━━━━━ Records provided ━━━━━

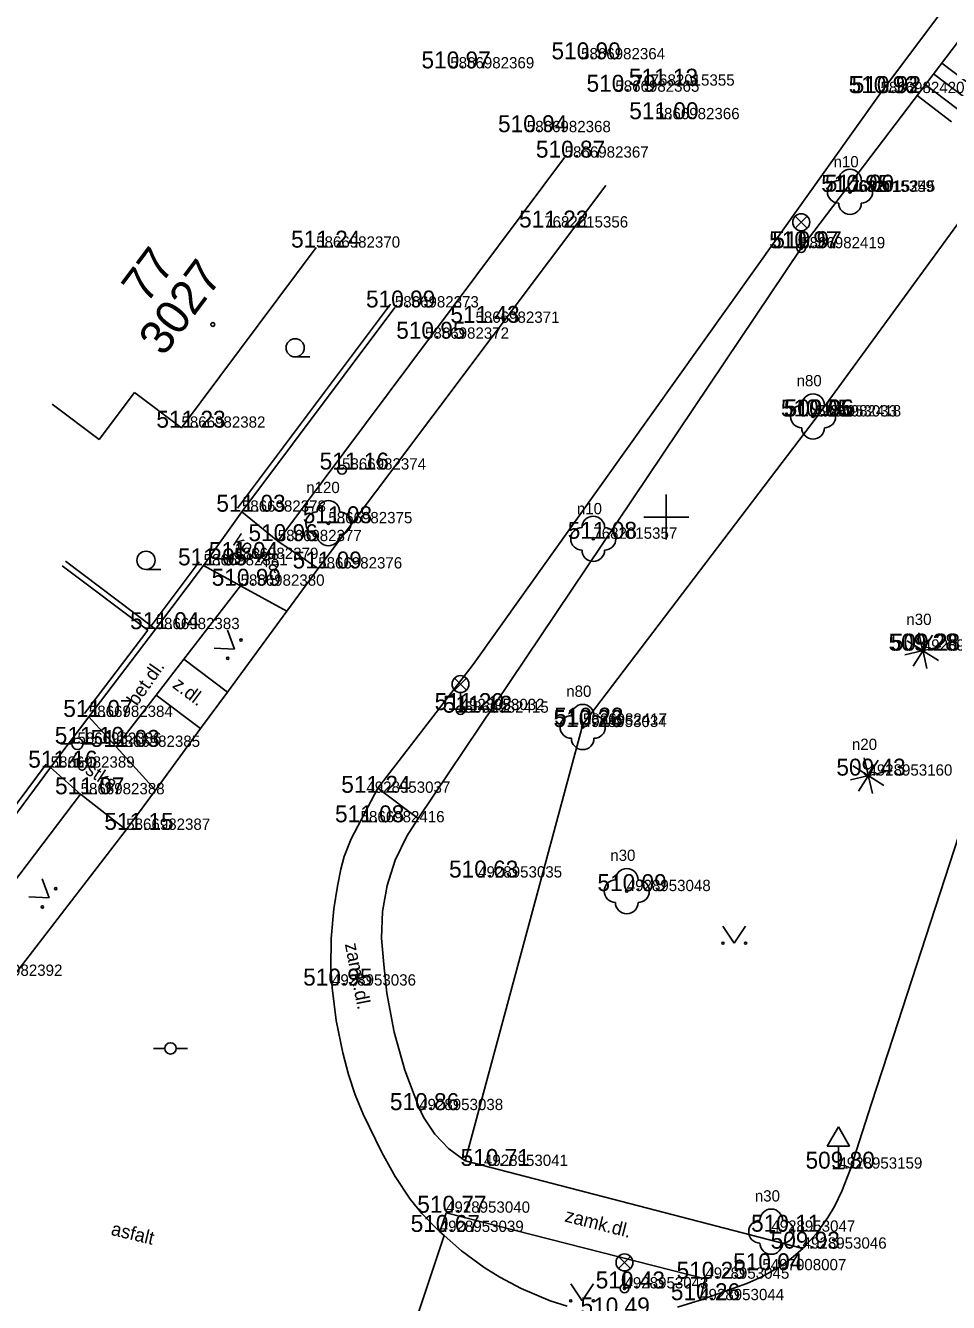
# Model space of a CAD drawing. Extents: x -669251 to -668549, y -1128351 to -1127698.
# Drawn here: x -668828.4 to -668787.5, y -1128134.8 to -1128078.3 of the extents above; entities that cross this region are included whole.
import ezdxf

# ---------------------------------------------------------------- set-up
doc = ezdxf.new("R2010")
doc.units = 0
for name, color, linetype in [('Vrstva 1', 7, 'Continuous'), ('Vrstva 10', 7, 'Continuous'), ('Vrstva 11', 7, 'Continuous'), ('Vrstva 14', 7, 'Continuous'), ('Vrstva 15', 7, 'Continuous'), ('Vrstva 2', 7, 'Continuous'), ('Vrstva 22', 7, 'Continuous'), ('Vrstva 25', 7, 'Continuous'), ('Vrstva 28', 7, 'Continuous'), ('Vrstva 3', 7, 'Continuous'), ('Vrstva 33', 7, 'Continuous'), ('Vrstva 34', 7, 'Continuous'), ('Vrstva 36', 7, 'Continuous'), ('Vrstva 40', 7, 'Continuous'), ('Vrstva 43', 7, 'Continuous'), ('Vrstva 44', 7, 'Continuous'), ('Vrstva 47', 7, 'Continuous'), ('Vrstva 5', 7, 'Continuous'), ('Vrstva 58', 7, 'Continuous'), ('Vrstva 61', 7, 'Continuous'), ('Vrstva 7', 7, 'Continuous'), ('Vrstva 8', 7, 'Continuous')]:
    doc.layers.add(name, color=color, linetype=linetype)

msp = doc.modelspace()

# ---------------------------------------------------------------- linework, layer by layer
at = {"layer": 'Vrstva 1'}
for p, q in [((-668809.563, -1128080.148), (-668809.563, -1128080.148)), ((-668803.771, -1128079.746), (-668803.771, -1128079.746)), ((-668802.254, -1128081.181), (-668802.254, -1128081.181)), ((-668800.69, -1128080.912), (-668800.69, -1128080.912)), ((-668790.513, -1128081.24), (-668790.513, -1128081.24)), ((-668800.47, -1128082.397), (-668800.47, -1128082.397)), ((-668806.173, -1128082.97), (-668806.173, -1128082.97)), ((-668804.498, -1128084.097), (-668804.498, -1128084.097)), ((-668791.864, -1128085.612), (-668791.864, -1128085.612)), ((-668791.81, -1128085.6), (-668791.81, -1128085.6)), ((-668805.406, -1128087.189), (-668805.406, -1128087.189)), ((-668815.502, -1128088.079), (-668815.502, -1128088.079)), ((-668794.025, -1128088.107), (-668794.025, -1128088.107)), ((-668812.016, -1128090.726), (-668812.016, -1128090.726)), ((-668808.447, -1128091.406), (-668808.447, -1128091.406)), ((-668810.68, -1128092.109), (-668810.68, -1128092.109)), ((-668821.466, -1128096.045), (-668821.466, -1128096.045)), ((-668793.5, -1128095.55), (-668793.5, -1128095.55)), ((-668793.318, -1128095.548), (-668793.318, -1128095.548)), ((-668814.355, -1128097.898), (-668814.355, -1128097.898)), ((-668818.788, -1128099.762), (-668818.788, -1128099.762)), ((-668814.961, -1128100.274), (-668814.961, -1128100.274)), ((-668817.201, -1128101.065), (-668817.201, -1128101.065)), ((-668803.23, -1128100.961), (-668803.23, -1128100.961)), ((-668820.484, -1128102.138), (-668820.484, -1128102.138)), ((-668819.121, -1128101.853), (-668819.121, -1128101.853)), ((-668815.411, -1128102.275), (-668815.411, -1128102.275)), ((-668818.848, -1128103.039), (-668818.848, -1128103.039)), ((-668822.608, -1128104.959), (-668822.608, -1128104.959)), ((-668788.64, -1128105.91), (-668788.64, -1128105.91)), ((-668825.566, -1128108.843), (-668825.566, -1128108.843)), ((-668809.11, -1128108.54), (-668809.11, -1128108.54)), ((-668808.922, -1128108.657), (-668808.922, -1128108.657)), ((-668803.7, -1128109.29), (-668803.7, -1128109.29)), ((-668803.688, -1128109.185), (-668803.688, -1128109.185)), ((-668826.071, -1128110.032), (-668826.071, -1128110.032)), ((-668824.359, -1128110.168), (-668824.359, -1128110.168)), ((-668827.257, -1128111.088), (-668827.257, -1128111.088)), ((-668791.05, -1128111.44), (-668791.05, -1128111.44)), ((-668825.93, -1128112.266), (-668825.93, -1128112.266)), ((-668813.28, -1128112.2), (-668813.28, -1128112.2)), ((-668813.534, -1128113.506), (-668813.534, -1128113.506)), ((-668823.911, -1128113.839), (-668823.911, -1128113.839)), ((-668808.33, -1128115.95), (-668808.33, -1128115.95)), ((-668801.75, -1128116.55), (-668801.75, -1128116.55)), ((-668814.8, -1128120.73), (-668814.8, -1128120.73)), ((-668810.94, -1128126.24), (-668810.94, -1128126.24)), ((-668808.07, -1128128.71), (-668808.07, -1128128.71)), ((-668792.38, -1128128.83), (-668792.38, -1128128.83)), ((-668809.75, -1128130.78), (-668809.75, -1128130.78)), ((-668810.03, -1128131.63), (-668810.03, -1128131.63)), ((-668795.35, -1128131.62), (-668795.35, -1128131.62)), ((-668793.96, -1128132.37), (-668793.96, -1128132.37)), ((-668795.745, -1128133.326), (-668795.745, -1128133.326)), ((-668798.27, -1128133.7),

━━━━━

[Work instructions]:
Excluding the pictures, reproduce every entry exactly as given.

[Final answer]:
# Model space of a CAD drawing. Extents: x -669251 to -668549, y -1128351 to -1127698.
# Drawn here: x -668828.4 to -668787.5, y -1128134.8 to -1128078.3 of the extents above; entities that cross this region are included whole.
import ezdxf

# ---------------------------------------------------------------- set-up
doc = ezdxf.new("R2010")
doc.units = 0
for name, color, linetype in [('Vrstva 1', 7, 'Continuous'), ('Vrstva 10', 7, 'Continuous'), ('Vrstva 11', 7, 'Continuous'), ('Vrstva 14', 7, 'Continuous'), ('Vrstva 15', 7, 'Continuous'), ('Vrstva 2', 7, 'Continuous'), ('Vrstva 22', 7, 'Continuous'), ('Vrstva 25', 7, 'Continuous'), ('Vrstva 28', 7, 'Continuous'), ('Vrstva 3', 7, 'Continuous'), ('Vrstva 33', 7, 'Continuous'), ('Vrstva 34', 7, 'Continuous'), ('Vrstva 36', 7, 'Continuous'), ('Vrstva 40', 7, 'Continuous'), ('Vrstva 43', 7, 'Continuous'), ('Vrstva 44', 7, 'Continuous'), ('Vrstva 47', 7, 'Continuous'), ('Vrstva 5', 7, 'Continuous'), ('Vrstva 58', 7, 'Continuous'), ('Vrstva 61', 7, 'Continuous'), ('Vrstva 7', 7, 'Continuous'), ('Vrstva 8', 7, 'Continuous')]:
    doc.layers.add(name, color=color, linetype=linetype)

msp = doc.modelspace()

# ---------------------------------------------------------------- linework, layer by layer
at = {"layer": 'Vrstva 1'}
for p, q in [((-668809.563, -1128080.148), (-668809.563, -1128080.148)), ((-668803.771, -1128079.746), (-668803.771, -1128079.746)), ((-668802.254, -1128081.181), (-668802.254, -1128081.181)), ((-668800.69, -1128080.912), (-668800.69, -1128080.912)), ((-668790.513, -1128081.24), (-668790.513, -1128081.24)), ((-668800.47, -1128082.397), (-668800.47, -1128082.397)), ((-668806.173, -1128082.97), (-668806.173, -1128082.97)), ((-668804.498, -1128084.097), (-668804.498, -1128084.097)), ((-668791.864, -1128085.612), (-668791.864, -1128085.612)), ((-668791.81, -1128085.6), (-668791.81, -1128085.6)), ((-668805.406, -1128087.189), (-668805.406, -1128087.189)), ((-668815.502, -1128088.079), (-668815.502, -1128088.079)), ((-668794.025, -1128088.107), (-668794.025, -1128088.107)), ((-668812.016, -1128090.726), (-668812.016, -1128090.726)), ((-668808.447, -1128091.406), (-668808.447, -1128091.406)), ((-668810.68, -1128092.109), (-668810.68, -1128092.109)), ((-668821.466, -1128096.045), (-668821.466, -1128096.045)), ((-668793.5, -1128095.55), (-668793.5, -1128095.55)), ((-668793.318, -1128095.548), (-668793.318, -1128095.548)), ((-668814.355, -1128097.898), (-668814.355, -1128097.898)), ((-668818.788, -1128099.762), (-668818.788, -1128099.762)), ((-668814.961, -1128100.274), (-668814.961, -1128100.274)), ((-668817.201, -1128101.065), (-668817.201, -1128101.065)), ((-668803.23, -1128100.961), (-668803.23, -1128100.961)), ((-668820.484, -1128102.138), (-668820.484, -1128102.138)), ((-668819.121, -1128101.853), (-668819.121, -1128101.853)), ((-668815.411, -1128102.275), (-668815.411, -1128102.275)), ((-668818.848, -1128103.039), (-668818.848, -1128103.039)), ((-668822.608, -1128104.959), (-668822.608, -1128104.959)), ((-668788.64, -1128105.91), (-668788.64, -1128105.91)), ((-668825.566, -1128108.843), (-668825.566, -1128108.843)), ((-668809.11, -1128108.54), (-668809.11, -1128108.54)), ((-668808.922, -1128108.657), (-668808.922, -1128108.657)), ((-668803.7, -1128109.29), (-668803.7, -1128109.29)), ((-668803.688, -1128109.185), (-668803.688, -1128109.185)), ((-668826.071, -1128110.032), (-668826.071, -1128110.032)), ((-668824.359, -1128110.168), (-668824.359, -1128110.168)), ((-668827.257, -1128111.088), (-668827.257, -1128111.088)), ((-668791.05, -1128111.44), (-668791.05, -1128111.44)), ((-668825.93, -1128112.266), (-668825.93, -1128112.266)), ((-668813.28, -1128112.2), (-668813.28, -1128112.2)), ((-668813.534, -1128113.506), (-668813.534, -1128113.506)), ((-668823.911, -1128113.839), (-668823.911, -1128113.839)), ((-668808.33, -1128115.95), (-668808.33, -1128115.95)), ((-668801.75, -1128116.55), (-668801.75, -1128116.55)), ((-668814.8, -1128120.73), (-668814.8, -1128120.73)), ((-668810.94, -1128126.24), (-668810.94, -1128126.24)), ((-668808.07, -1128128.71), (-668808.07, -1128128.71)), ((-668792.38, -1128128.83), (-668792.38, -1128128.83)), ((-668809.75, -1128130.78), (-668809.75, -1128130.78)), ((-668810.03, -1128131.63), (-668810.03, -1128131.63)), ((-668795.35, -1128131.62), (-668795.35, -1128131.62)), ((-668793.96, -1128132.37), (-668793.96, -1128132.37)), ((-668795.745, -1128133.326), (-668795.745, -1128133.326)), ((-668798.27, -1128133.7),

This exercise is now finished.